Arthurian clones in space--it sounds like a third-rate SF movie, but instead is a very moving and intriguing SF story by C.J. Cherryh. Though hardly perfect, this is a solid story for Arthuriana and SF fans alike.
An extremely wealthy woman named Dela owns a luxurious spacecraft called the "Maid of Astolat," which is decorated with swords, spears, medieval banners, and other trappings reminiscent of Arthurian legend. As if that weren't enough, she has specially programmed clones ("made people") whom she has fashioned and named after characters in Arthurian legend: Sweet, meek Elaine; handsome, sad Lancelot (Lance); dark, brooding Modred; handsome lithe Gawain (Wayne); sharp, efficient Viviane, and lesser characters Percival and Lynette. Elaine narrates, a rather flat character who apparently gets her "dreams" by using special tapes that Dela owns.
These clones help to keep the ship running, except for Lance who is something of a slave boy-toy for Dela. She often brings her lovers to the "Maid", and after she tires of them she falls back to Lance. But one day she brings in a new lover, Griffin--young, handsome, kindly, and she may actually marry him. This worries the clones, who fear that they will be put down or reprogrammed.
But their worries become irrelevent when the ship is yanked into a sort of space-wasteland, and clamped onto an alien ship. The clones begin to freak out (or "blank out," as they do when they're upset), Dela decides that they are all dead, and Griffin tries to help the clones free the ship. But something strange is drawing nearer to the "Maid," and will draw them into a situation that no one can truly understand--and the question of what being a person is.

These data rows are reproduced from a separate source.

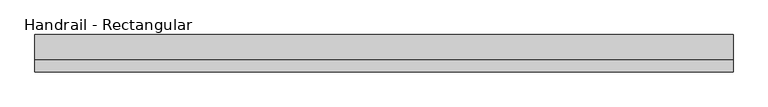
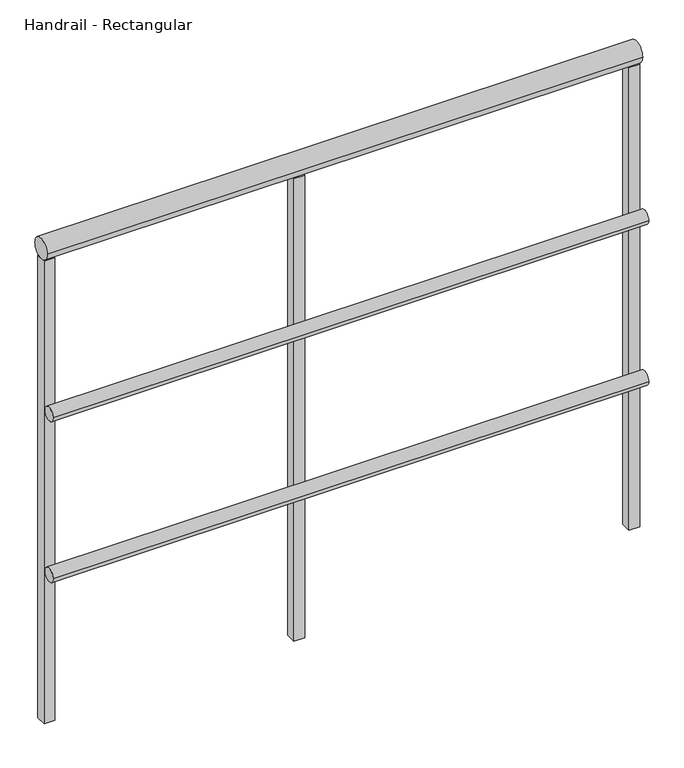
"""IFC4 building model written with IfcOpenShell, lengths in millimetres: railing geometry, Handrail - Rectangular."""

from ifc_helpers import new_model, si_unit, point, frame, frame_2d, origin, place, context, project, spatial, polyline, circle_curve, trimmed, segment, composite_curve, outline, extrude, source, transform, mapped, element, save


def handrail_rectangular_f862a09f(model_context):
    return source(origin(), model_context, "Body", "SweptSolid", [
        extrude(outline(composite_curve([segment(trimmed(circle_curve(frame_2d((-35578.5683133, 9740.9)), 12.7), [point((-35591.2683133, 9740.9))], [point((-35565.8683133, 9740.9))], False, "CARTESIAN"), True, "CONTINUOUS"), segment(trimmed(circle_curve(frame_2d((-35578.5683133, 9740.9)), 12.7), [point((-35565.8683133, 9740.9))], [point((-35591.2683133, 9740.9))], False, "CARTESIAN"), True, "CONTINUOUS")], self_intersect=False)), frame((-31964.2839563, 0.0, 0.0), z_axis=(1.0, 0.0, 0.0), x_axis=(0.0, 1.0, 0.0)), (0.0, 0.0, 1.0), 1066.8),
        extrude(outline(composite_curve([segment(trimmed(circle_curve(frame_2d((-35578.5683133, 9436.1)), 12.7), [point((-35591.2683133, 9436.1))], [point((-35565.8683133, 9436.1))], False, "CARTESIAN"), True, "CONTINUOUS"), segment(trimmed(circle_curve(frame_2d((-35578.5683133, 9436.1)), 12.7), [point((-35565.8683133, 9436.1))], [point((-35591.2683133, 9436.1))], False, "CARTESIAN"), True, "CONTINUOUS")], self_intersect=False)), frame((-31964.2839563, 0.0, 0.0), z_axis=(1.0, 0.0, 0.0), x_axis=(0.0, 1.0, 0.0)), (0.0, 0.0, 1.0), 1066.8),
        extrude(outline(composite_curve([segment(trimmed(circle_curve(frame_2d((-35553.1683133, 10039.35)), 19.05), [point((-35572.2183133, 10039.35))], [point((-35534.1183133, 10039.35))], False, "CARTESIAN"), True, "CONTINUOUS"), segment(trimmed(circle_curve(frame_2d((-35553.1683133, 10039.35)), 19.05), [point((-35534.1183133, 10039.35))], [point((-35572.2183133, 10039.35))], False, "CARTESIAN"), True, "CONTINUOUS")], self_intersect=False)), frame((-31964.2839563, 0.0, 0.0), z_axis=(1.0, 0.0, 0.0), x_axis=(0.0, 1.0, 0.0)), (0.0, 0.0, 1.0), 1066.8),
        extrude(outline(polyline([(-31497.5589563, -35543.6433133), (-31497.5589563, -35562.6933133), (-31516.6089563, -35562.6933133), (-31516.6089563, -35543.6433133), (-31497.5589563, -35543.6433133)])), frame((0.0, 0.0, 9144.0), z_axis=(0.0, 0.0, 1.0), x_axis=(1.0, 0.0, 0.0)), (0.0, 0.0, 1.0), 876.3),
        extrude(outline(polyline([(-31945.2339563, -35543.6433133), (-31945.2339563, -35562.6933133), (-31964.2839563, -35562.6933133), (-31964.2839563, -35543.6433133), (-31945.2339563, -35543.6433133)])), frame((0.0, 0.0, 9144.0), z_axis=(0.0, 0.0, 1.0), x_axis=(1.0, 0.0, 0.0)), (0.0, 0.0, 1.0), 876.3),
        extrude(outline(polyline([(-30897.4839563, -35543.6433133), (-30897.4839563, -35562.6933133), (-30916.5339563, -35562.6933133), (-30916.5339563, -35543.6433133), (-30897.4839563, -35543.6433133)])), frame((0.0, 0.0, 9144.0), z_axis=(0.0, 0.0, 1.0), x_axis=(1.0, 0.0, 0.0)), (0.0, 0.0, 1.0), 876.3),
    ])


if __name__ == "__main__":
    model = new_model("IFC4")
    model_context = context("Model", 3, world=origin())
    ifc_project = project(units=[si_unit("LENGTHUNIT", "METRE", prefix="MILLI")], contexts=[model_context])
    site = spatial("IfcSite", under=ifc_project)
    building = spatial("IfcBuilding", under=site)
    placement = place(None, origin())
    handrail_rectangular_shape = handrail_rectangular_f862a09f(model_context)
    element("IfcRailing", 1, ObjectType="Handrail - Rectangular", at=placement, inside=building, context=model_context, shape_type="MappedRepresentation", body=[
        mapped(handrail_rectangular_shape, transform((0.0, 0.0, 0.0), x_axis=(1.0, 0.0, 0.0), y_axis=(0.0, 1.0, 0.0), z_axis=(0.0, 0.0, 1.0))),
    ])
    save(model, "model.ifc")

This novella initially seems like a simple Star Trekkian adventure, but also introduces some intriguing moral questions. Do programmable clones have souls? What does it imply about the morals of a person who uses clones like wind-up toys? If they have stunted abilities to feel, and are "programmed" to obey a person, does that make them any less human than a "born man"? These questions are raised and answered without preachiness, but through effective demonstration.
Anyway, the characters were excellently made. The selfish, hedonistic Dela is forced to see the clones as people, and to act as a better person, and Griffin is definitely a "nice guy," though a little less so at the beginning. Lance is broody, Modred is sinister (yet, somehow, I like him!), Viviane is effective as the ice-queen with a head for figures. Percival is a sweetie some of the time. Gawain and Lynette don't register as much, but perhaps the biggest cast flaw is Elaine. She seems too passive as a narrator, doing too much telling and not enough doing, in a crisis situation. But her stunted love for Lancelot is very effectively shown.
Though there is minimal profanity, hardly any violence and just a little gross imagery (the attack on Modred), there is a fair amount of sex-related info in this. Dela brings man after man for trysts on her ship (we're told, but not shown), Lance is her boytoy, and there are a couple scenes where Lance goes to bed with Elaine. None of this is graphic; in fact, it's rather how you would expect the observations and experiences of an android to be. Perhaps the contrast between the love lives of the people involves and the growing soul love is deliberate. Additionally, one can also see traces of traditional Arthuriana, with Dela as Guinevere, Griffin as Arthur, Lancelot and Elaine in their ancient counterparts' places.
And thankfully Cherryh did not fall into the trap of "bad alien captures heroes, heroes defeat alien and escape." Rather, she introduces a situation as ambiguous as several characters are, and allows us to see a vision of the future that is truly intriguing, and which fits perfectly into the thoughts and desires of the characters.
Overall, an excellent read for Arthurian and SF fans.